In my view, the chronic medication service (CMS) is a necessary step towards securing a future role for pharmacists within the community pharmacy setting.
There are two sides to CMS. There is the repeat supply of medicine via serial prescriptions, and the clinical side of the service in which community pharmacists provide pharmaceutical care for the patient. Both have merit. However, neither side has reached its full potential yet.
With this in mind I presented a positive take on CMS at the recent Scottish National Seminar focusing on the clinical side of the service.
Based largely on the findings of the National Review of Asthma deaths 2014 (NRAD), I decided to exploit the unprecedented access to patients I have as a community pharmacist in an attempt to deliver some clinical returns. Many asthma deaths are preventable, so I set about creating a simple plan to first find and then enhance the support of people with asthma who had not engaged with my local general practice team.

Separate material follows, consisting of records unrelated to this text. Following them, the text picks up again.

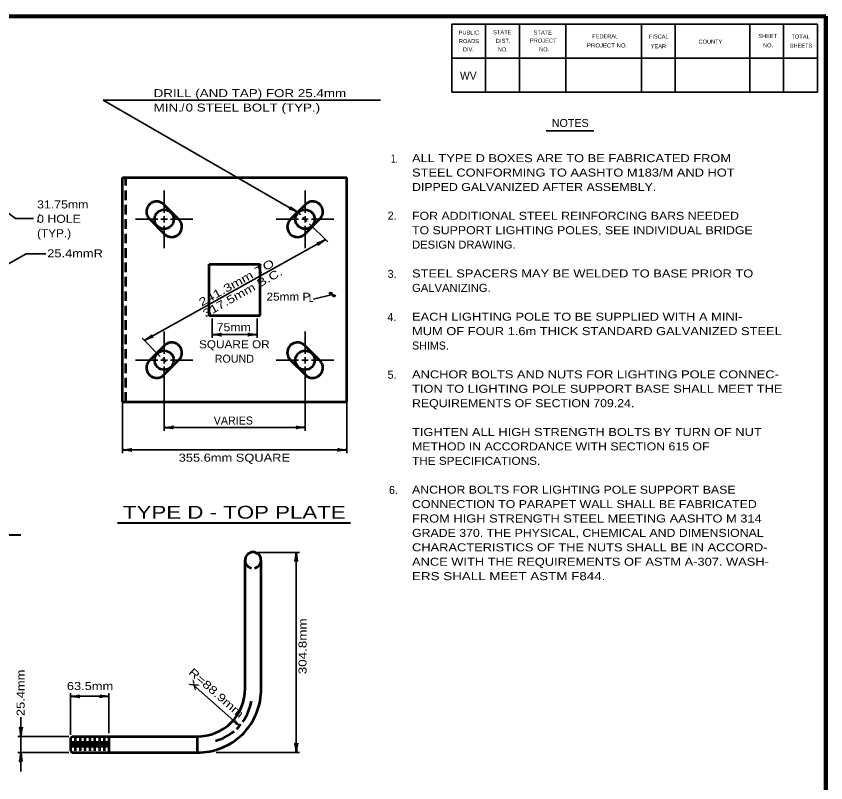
# Model space of a CAD drawing. Extents: x -35 to 821, y -23 to 522.
# Drawn here: x 511 to 814.4, y 228 to 515.2 of the extents above; entities that cross this region are included whole.
import ezdxf
from ezdxf.enums import TextEntityAlignment as Align

# ---------------------------------------------------------------- set-up
doc = ezdxf.new("R2010")
doc.units = 0
doc.header["$LTSCALE"] = 1.2
doc.linetypes.add('MEDIUM_DASHED', pattern=[4.5, 3, -1.5])
doc.layers.add('1', color=7, linetype='Continuous', lineweight=35)
doc.layers.add('61', color=7, linetype='Continuous', lineweight=35)

msp = doc.modelspace()

# ---------------------------------------------------------------- linework, layer by layer
at = {"layer": '1', "lineweight": 158}
msp.add_line((814.415, -10.947), (814.415, 515.153), dxfattribs=at)
at = {"layer": '1', "lineweight": 13}
msp.add_line((814.415, -10.947), (814.415, 515.153), dxfattribs=at)
at = {"layer": '1'}
for p, q in [((543.583, 483.736), (647.549, 483.736)), ((543.583, 483.736), (616.525, 441.627)), ((709.623, 472.238), (727.487, 472.238)), ((566.448, 441.473), (566.448, 449.873)), ((619.248, 441.473), (619.248, 449.873)), ((616.618, 441.703), (617.551, 440.77)), ((564.048, 439.073), (555.648, 439.073)), ((568.848, 439.073), (577.248, 439.073)), ((616.848, 439.073), (608.448, 439.073)), ((618.4, 439.921), (620.097, 438.224)), ((620.946, 437.376), (627.734, 430.588)), ((621.648, 439.073), (630.048, 439.073)), ((566.448, 436.673), (566.448, 428.273)), ((619.248, 436.673), (619.248, 428.273)), ((559.061, 393.661), (626.885, 431.436)), ((629.487, 410.864), (622.452, 409.181)), ((584.448, 401.873), (584.448, 394.673)), ((601.248, 401.873), (601.248, 394.673)), ((558.212, 394.51), (565, 387.721)), ((566.448, 388.673), (566.448, 397.073)), ((584.448, 395.873), (601.248, 395.873)), ((619.248, 388.673), (619.248, 397.073)), ((564.048, 386.273), (555.648, 386.273)), ((565.848, 386.873), (567.048, 385.673)), ((568.848, 386.273), (577.248, 386.273)), ((616.848, 386.273), (608.448, 386.273)), ((621.648, 386.273), (630.048, 386.273)), ((566.448, 383.873), (566.448, 359.873)), ((619.248, 383.873), (619.248, 359.873)), ((550.848, 370.673), (550.848, 351.473)), ((634.848, 370.673), (634.848, 351.473)), ((566.448, 361.073), (619.248, 361.073)), ((550.848, 352.673), (634.848, 352.673)), ((601.549, 314.295), (617.149, 314.295)), ((615.949, 314.295), (615.949, 239.356)), ((594.689, 249.291), (577.256, 264.63)), ((531.349, 245.956), (531.349, 261.556)), ((545.749, 246.556), (545.749, 261.556)), ((531.349, 260.356), (545.749, 260.356)), ((530.749, 245.356), (511.549, 245.356)), ((530.749, 239.356), (511.549, 239.356)), ((585.949, 239.356), (617.149, 239.356))]:
    msp.add_line(p, q, dxfattribs=at)
at = {"layer": '1', "lineweight": 53}
for p, q in [((550.848, 370.673), (550.848, 454.673)), ((550.848, 454.673), (634.848, 454.673)), ((634.848, 370.673), (634.848, 454.673)), ((566.448, 444.473), (571.848, 439.073)), ((619.248, 444.473), (613.848, 439.073)), ((566.448, 433.673), (561.048, 439.073)), ((619.248, 433.673), (624.648, 439.073)), ((583.248, 403.073), (583.248, 422.273)), ((583.248, 422.273), (602.448, 422.273)), ((602.448, 403.073), (602.448, 422.273)), ((583.248, 403.073), (602.448, 403.073)), ((566.448, 391.673), (561.048, 386.273)), ((619.248, 391.673), (624.648, 386.273)), ((566.448, 380.873), (571.848, 386.273)), ((619.248, 380.873), (613.848, 386.273)), ((550.848, 370.673), (634.848, 370.673)), ((596.749, 263.356), (596.749, 311.356)), ((602.749, 263.356), (602.749, 311.356)), ((531.349, 244.756), (531.949, 245.356)), ((531.349, 244.756), (531.349, 239.956)), ((531.949, 245.356), (578.749, 245.356)), ((532.249, 243.556), (532.249, 241.156)), ((533.149, 244.756), (533.149, 239.956)), ((534.049, 243.556), (534.049, 241.156)), ((534.949, 244.756), (534.949, 239.956)), ((535.849, 243.556), (535.849, 241.156)), ((536.749, 244.756), (536.749, 239.956)), ((537.649, 243.556), (537.649, 241.156)), ((538.549, 244.756), (538.549, 239.956)), ((539.449, 243.556), (539.449, 241.156)), ((540.349, 244.756), (540.349, 239.956)), ((541.249, 243.556), (541.249, 241.156)), ((542.149, 244.756), (542.149, 239.956)), ((543.049, 243.556), (543.049, 241.156)), ((543.949, 244.756), (543.949, 239.956)), ((544.849, 243.556), (544.849, 241.156)), ((545.749, 245.356), (545.749, 239.356)), ((578.749, 245.356), (578.749, 239.356)), ((531.349, 239.956), (531.949, 239.356)), ((531.949, 239.356), (578.749, 239.356))]:
    msp.add_line(p, q, dxfattribs=at)
at = {"layer": '1', "linetype": 'MEDIUM_DASHED', "lineweight": 53}
msp.add_line((552.048, 370.673), (552.048, 454.673), dxfattribs=at)
at = {"layer": '1', "lineweight": 40}
for p, q in [((548.929, 325.309), (636.335, 325.309)), ((421.861, 320.845), (512.69, 320.845))]:
    msp.add_line(p, q, dxfattribs=at)
at = {"layer": '1', "lineweight": 158}
msp.add_lwpolyline([(814.415, 515.153), (22.715, 515.053), (22.815, -10.947)], dxfattribs=at)
at = {"layer": '1'}
for points in [[(495.07, 451.002), (510.694, 439.424), (517.508, 439.424)], [(566.448, 437.873), (566.448, 439.073), (566.448, 440.273)], [(619.248, 437.873), (619.248, 439.073), (619.248, 440.273)], [(565.248, 439.073), (566.448, 439.073), (567.648, 439.073)], [(620.448, 439.073), (619.248, 439.073), (618.048, 439.073)], [(499.368, 417.537), (514.706, 426.187), (522.054, 426.187)], [(565.248, 386.273), (566.448, 386.273), (567.648, 386.273)], [(566.448, 387.473), (566.448, 386.273), (566.448, 385.073)], [(620.448, 386.273), (619.248, 386.273), (618.048, 386.273)], [(619.248, 387.473), (619.248, 386.273), (619.248, 385.073)], [(512.749, 252.556), (512.749, 245.356), (512.749, 239.356), (512.749, 232.156)]]:
    msp.add_lwpolyline(points, dxfattribs=at)
at = {"layer": '1', "lineweight": 53}
for centre in [(566.448, 439.073), (619.248, 439.073), (566.448, 386.273), (619.248, 386.273)]:
    msp.add_circle(centre, 3.6, dxfattribs=at)
for centre, radius, start, end in [((563.621, 441.901), 3.823, 42.29136, 227.70864), ((622.076, 441.901), 3.823, 312.29136, 137.70864), ((569.276, 436.245), 3.823, 222.29136, 47.70864), ((616.421, 436.245), 3.823, 132.29136, 317.70864), ((628.877, 410.781), 0.615, 7.71531, 162.28469), ((630.096, 410.947), 0.615, 187.71531, 342.28469), ((569.276, 389.101), 3.823, 312.29136, 137.70864), ((616.421, 389.101), 3.823, 42.29136, 227.70864), ((563.621, 383.445), 3.823, 132.29136, 317.70864), ((622.076, 383.445), 3.823, 222.29136, 47.70864), ((599.749, 311.356), 3, 281.53696, 258.46304), ((579.08, 263.025), 17.672, 268.92697, 1.07303), ((579.249, 262.856), 23.505, 268.78134, 1.21866), ((580.767, 261.668), 18.628, 324.48804, 350.40705), ((580.767, 261.668), 18.628, 313.39217, 320.77939), ((580.767, 261.668), 18.628, 285.43733, 309.6831)]:
    msp.add_arc(centre, radius, start, end, dxfattribs=at)
at = {"layer": '1', "lineweight": 40}
for centre, major_axis, ratio, start_param, end_param in [((615.487, 442.519), (-1.72, 1.236), 0.07063, 6.2823074, 8.5597026), ((615.225, 441.995), (1.949, -0.909), 0.122415, 0.8963533, 3.1415927), ((625.587, 431.004), (-1.944, -0.841), 0.07063, 6.2823074, 8.5597026), ((625.903, 430.51), (1.781, 1.206), 0.122415, 0.8963533, 3.1415927), ((560.043, 394.588), (-1.781, -1.206), 0.122415, 0.8963533, 3.1415927), ((560.043, 394.588), (-1.781, -1.206), 0.122415, 0.8963533, 3.1415927), ((560.359, 394.094), (1.944, 0.841), 0.07063, 6.2823074, 8.5597026), ((560.359, 394.094), (1.944, 0.841), 0.07063, 6.2823074, 8.5597026), ((585.793, 395.619), (-2.108, 0.211), 0.07063, 3.1407148, 5.41811), ((585.793, 395.619), (-2.108, 0.211), 0.07063, 3.1407148, 5.41811), ((585.758, 396.204), (-2.143, -0.187), 0.122415, 0.8963533, 3.1415927), ((585.758, 396.204), (-2.143, -0.187), 0.122415, 0.8963533, 3.1415927), ((599.939, 395.541), (2.143, 0.187), 0.122415, 0.8963533, 3.1415927), ((599.904, 396.127), (2.108, -0.211), 0.07063, 3.1407148, 5.41811), ((567.758, 361.404), (-2.143, -0.187), 0.122415, 0.8963533, 3.1415927), ((567.758, 361.404), (-2.143, -0.187), 0.122415, 0.8963533, 3.1415927), ((617.904, 361.327), (2.108, -0.211), 0.07063, 3.1407148, 5.41811), ((567.793, 360.819), (-2.108, 0.211), 0.07063, 3.1407148, 5.41811), ((567.793, 360.819), (-2.108, 0.211), 0.07063, 3.1407148, 5.41811), ((617.939, 360.741), (2.143, 0.187), 0.122415, 0.8963533, 3.1415927), ((552.193, 352.419), (-2.108, 0.211), 0.07063, 3.1407148, 5.41811), ((552.158, 353.004), (-2.143, -0.187), 0.122415, 0.8963533, 3.1415927), ((633.539, 352.341), (2.143, 0.187), 0.122415, 0.8963533, 3.1415927), ((633.504, 352.927), (2.108, -0.211), 0.07063, 3.1407148, 5.41811), ((615.695, 312.951), (0.211, 2.108), 0.07063, 3.1407148, 5.41811), ((615.695, 312.951), (0.211, 2.108), 0.07063, 3.1407148, 5.41811), ((616.281, 312.986), (-0.187, 2.143), 0.122415, 0.8963533, 3.1415927), ((616.281, 312.986), (-0.187, 2.143), 0.122415, 0.8963533, 3.1415927), ((532.694, 260.102), (-2.108, 0.211), 0.07063, 3.1407148, 5.41811), ((532.694, 260.102), (-2.108, 0.211), 0.07063, 3.1407148, 5.41811), ((532.659, 260.688), (-2.143, -0.187), 0.122415, 0.8963533, 3.1415927), ((532.659, 260.688), (-2.143, -0.187), 0.122415, 0.8963533, 3.1415927), ((544.44, 260.024), (2.143, 0.187), 0.122415, 0.8963533, 3.1415927), ((544.405, 260.61), (2.108, -0.211), 0.07063, 3.1407148, 5.41811), ((593.847, 250.37), (-1.443, 1.551), 0.07063, 6.2823074, 8.5597026), ((512.418, 246.665), (0.187, -2.143), 0.122415, 0.8963533, 3.1415927), ((512.418, 246.665), (0.187, -2.143), 0.122415, 0.8963533, 3.1415927), ((513.003, 246.701), (-0.211, -2.108), 0.07063, 3.1407148, 5.41811), ((513.003, 246.701), (-0.211, -2.108), 0.07063, 3.1407148, 5.41811), ((593.487, 249.907), (1.733, -1.275), 0.122415, 0.8963533, 3.1415927), ((615.618, 240.665), (0.187, -2.143), 0.122415, 0.8963533, 3.1415927), ((616.203, 240.701), (-0.211, -2.108), 0.07063, 3.1407148, 5.41811), ((512.495, 238.011), (0.211, 2.108), 0.07063, 3.1407148, 5.41811), ((512.495, 238.011), (0.211, 2.108), 0.07063, 3.1407148, 5.41811), ((513.081, 238.047), (-0.187, 2.143), 0.122415, 0.8963533, 3.1415927), ((513.081, 238.047), (-0.187, 2.143), 0.122415, 0.8963533, 3.1415927)]:
    msp.add_ellipse(centre, major_axis=major_axis, ratio=ratio, start_param=start_param, end_param=end_param, dxfattribs=at)
at = {"layer": '61'}
for p, q in [((686.915, 512.153), (686.915, 486.753)), ((699.615, 512.153), (699.615, 486.753)), ((717.015, 512.153), (717.015, 486.753)), ((745.315, 512.153), (745.315, 486.753)), ((758.015, 512.153), (758.015, 486.753)), ((785.915, 512.153), (785.915, 486.753)), ((798.615, 512.153), (798.615, 486.753)), ((811.315, 499.453), (674.215, 499.453))]:
    msp.add_line(p, q, dxfattribs=at)
for points in [[(811.315, 512.153), (674.215, 512.153), (674.215, 486.753)], [(811.315, 512.153), (811.315, 486.753), (674.215, 486.753)]]:
    msp.add_lwpolyline(points, dxfattribs=at)

# ---------------------------------------------------------------- texts
at = {"layer": '1'}
for s, height, width, p in [('WV', 3.048, 0.95, (677.315, 491.353)), ('DRILL (AND TAP) FOR 25.4mm', 3, 1.25, (562.491, 484.82)), ('MIN. 0 STEEL BOLT (TYP.)', 3, 1.25, (562.491, 479.42)), ('1.', 3, 0.65, (651.48, 460.308)), ('ALL TYPE D BOXES ARE TO BE FABRICATED FROM', 3, 1.2, (659.344, 460.474)), ('STEEL CONFORMING TO AASHTO M183/M AND HOT', 3, 1.2, (659.344, 455.074)), ('DIPPED GALVANIZED AFTER ASSEMBLY.', 3, 1.15, (659.344, 449.674)), ('31.75mm', 3, 1.15, (518.815, 443.143)), ('0 HOLE', 3, 1.15, (518.815, 437.743)), ('FOR ADDITIONAL STEEL REINFORCING BARS NEEDED', 3, 1.15, (659.344, 438.874)), ('(TYP.)', 3, 1.1, (518.815, 432.343)), ('TO SUPPORT LIGHTING POLES, SEE INDIVIDUAL BRIDGE', 3, 1.15, (659.344, 433.474)), ('DESIGN DRAWING.', 3, 1.05, (659.344, 428.074)), ('25.4mmR', 3, 1.2, (522.611, 424.808)), ('STEEL SPACERS MAY BE WELDED TO BASE PRIOR TO', 3, 1.2, (659.344, 417.274)), ('GALVANIZING.', 3, 1.05, (659.344, 411.874)), ('25mm P', 3, 1.1, (604.794, 408.586)), ('L', 3, 0.65, (620.711, 408.081)), ('EACH LIGHTING POLE TO BE SUPPLIED WITH A MINI-', 3, 1.2, (659.344, 401.074)), ('75mm', 3, 1.15, (586.113, 397.121)), ('MUM OF FOUR 1.6m THICK STANDARD GALVANIZED STEEL', 3, 1.2, (659.344, 395.674)), ('ANCHOR BOLTS AND NUTS FOR LIGHTING POLE CONNEC-', 3, 1.2, (659.344, 379.474)), ('TION TO LIGHTING POLE SUPPORT BASE SHALL MEET THE', 3, 1.2, (659.344, 374.074)), ('REQUIREMENTS OF SECTION 709.24.', 3, 1.15, (659.344, 368.674)), ('TIGHTEN ALL HIGH STRENGTH BOLTS BY TURN OF NUT', 3, 1.2, (659.344, 357.874)), ('METHOD IN ACCORDANCE WITH SECTION 615 OF', 3, 1.15, (659.344, 352.474)), ('355.6mm SQUARE', 3, 1.2, (571.877, 348.257)), ('THE SPECIFICATIONS.', 3, 1.1, (659.344, 347.074)), ('ANCHOR BOLTS FOR LIGHTING POLE SUPPORT BASE', 3, 1.15, (659.344, 336.274)), ('CONNECTION TO PARAPET WALL SHALL BE FABRICATED', 3, 1.15, (659.344, 330.874)), ('TYPE D - TOP PLATE', 4.8, 1.3, (551.01, 326.917)), ('FROM HIGH STRENGTH STEEL MEETING AASHTO M 314', 3, 1.2, (659.344, 325.474)), ('GRADE 370. THE PHYSICAL, CHEMICAL AND DIMENSIONAL', 3, 1.15, (659.344, 320.074)), ('CHARACTERISTICS OF THE NUTS SHALL BE IN ACCORD-', 3, 1.2, (659.344, 314.674)), ('ANCE WITH THE REQUIREMENTS OF ASTM A-307. WASH-', 3, 1.2, (659.344, 309.274)), ('ERS SHALL MEET ASTM F844.', 3, 1.25, (659.344, 303.874)), ('63.5mm', 3, 1.2, (529.958, 262.71))]:
    msp.add_text(s, height=height, dxfattribs=dict(at, width=width)).set_placement(p)
for s, p in [('/', (572.884, 479.388)), ('NOTES', (711.725, 473.647)), ('/', (518.723, 437.858)), ('2.', (650.218, 438.949)), ('3.', (650.201, 417.132)), ('4.', (650.078, 400.955)), ('SHIMS.', (659.344, 390.274)), ('5.', (650.178, 379.338)), ('VARIES', (585.021, 362.177)), ('6.', (650.703, 336.134))]:
    msp.add_text(s, height=3, dxfattribs=at).set_placement(p)
for s, rotation, width, p in [('241.3mm TO', 29.116, 1.35, (580.454, 406.325)), ('317.5mm B.C.', 29.116, 1.3, (581.983, 402.178)), ('304.8mm', 90, 1.25, (619.797, 268.631)), ('R=88.9mm', 318.655, 1.3, (575.357, 268.985)), ('25.4mm', 90, 1.2, (514.144, 252.956)), ('x', 318.655, 2.05, (575.356, 265.128))]:
    msp.add_text(s, height=3, rotation=rotation, dxfattribs=dict(at, width=width)).set_placement(p)
at = {"layer": '1', "width": 1.1}
msp.add_text('SQUARE OR', height=3, dxfattribs=at).set_placement((592.751, 390.739), align=Align.CENTER)
at = {"layer": '1'}
msp.add_text('ROUND', height=3, dxfattribs=at).set_placement((592.751, 385.339), align=Align.CENTER)
at = {"layer": '61'}
for s, height, rotation, p in [('PUBLIC', 1.525, 0.033, (676.815, 508.253)), ('FEDERAL', 1.523, 0.007, (726.915, 506.853)), ('FISCAL', 1.525, 359.942, (748.115, 506.753)), ('SHEET', 1.525, 0.059, (789.115, 506.953)), ('ROADS', 1.525, 0.124, (676.915, 505.053)), ('DIST.', 1.525, 0.056, (690.815, 505.153)), ('YEAR', 1.523, 0.105, (748.815, 503.153)), ('COUNTY', 1.523, 0.069, (766.715, 504.853)), ('SHEETS', 1.523, 359.959, (800.915, 503.353)), ('DIV.', 1.525, 359.932, (678.415, 501.953))]:
    msp.add_text(s, height=height, rotation=rotation, dxfattribs=at).set_placement(p)
for s, rotation, width, p in [('STATE', 0.059, 1.05, (689.715, 508.353)), ('STATE', 0.059, 1.05, (704.915, 508.253)), ('PROJECT', 359.908, 1.05, (703.515, 505.253)), ('TOTAL', 359.926, 1.05, (801.515, 506.753)), ('PROJECT NO.', 359.922, 1.1, (724.915, 503.453)), ('NO.', 359.852, 0.9, (790.915, 503.453)), ('NO.', 359.852, 0.9, (691.515, 501.953)), ('NO.', 0.225, 0.9, (707.015, 501.953))]:
    msp.add_text(s, height=1.525, rotation=rotation, dxfattribs=dict(at, width=width)).set_placement(p)

doc.saveas('drawing.dxf')

Relationships and co-operation are key to the success of any multidisciplinary service. I did a number of searches of the surgery asthma list, kindly facilitated by the practice team and my GP colleagues.
I generated three searches:
1. Patients who had been prescribed salbutamol in the previous 12 months and/or had a diagnosis of asthma who had failed to attend their annual asthma review in the practice in the previous 12 months.
2. Patients prescribed more than 12 beta-agonist inhalers in the previous 12 months.
3. Patients prescribed oral prednisolone in the previous 12 months.
I used these searches in the community pharmacy setting to identify, intervene and conduct a mini asthma review with patients. I found a significant number of people who would benefit from further support in improving the management of their asthma. As part of the CMS service, I fed back my findings to the practice team so that they could be recorded in the patient’s record.
I should make it clear that the patients who did attend the surgery regularly were extremely well managed locally. However, if the patient did not choose to attend the practice,the surgery team are in a tricky position if they intend to support these patients.
My CMS pilot was a success because I observed that the person with asthma was required to visit the pharmacy to collect their reliever medication.
There has been much talk recently of pharmacists working in GP practices. I think this, along with any other scheme that utilises the unique skill set of the pharmacist, is an excellent idea. However, I am much more in favour of the profession encouraging pharmacists to work in pharmacies to deliver clinical returns for patients and be paid for doing so accordingly.
I am now in the final stages of planning independent prescribing clinics to support, among other groups, people with asthma within the community pharmacy. Combining these clinics with the CMS case findings that I have described above will hopefully mean that my clinical list will be comprised largely of people who cannot be reached by the GP practice team. Therefore I am not duplicating the good work that already takes place. On the contrary, I am going after the people with asthma that require additional support.
I am hopeful that by taking the best bits of community pharmacy, like unprecedented access, and combining them with a little basic clinical work, I can deliver positive results for patients.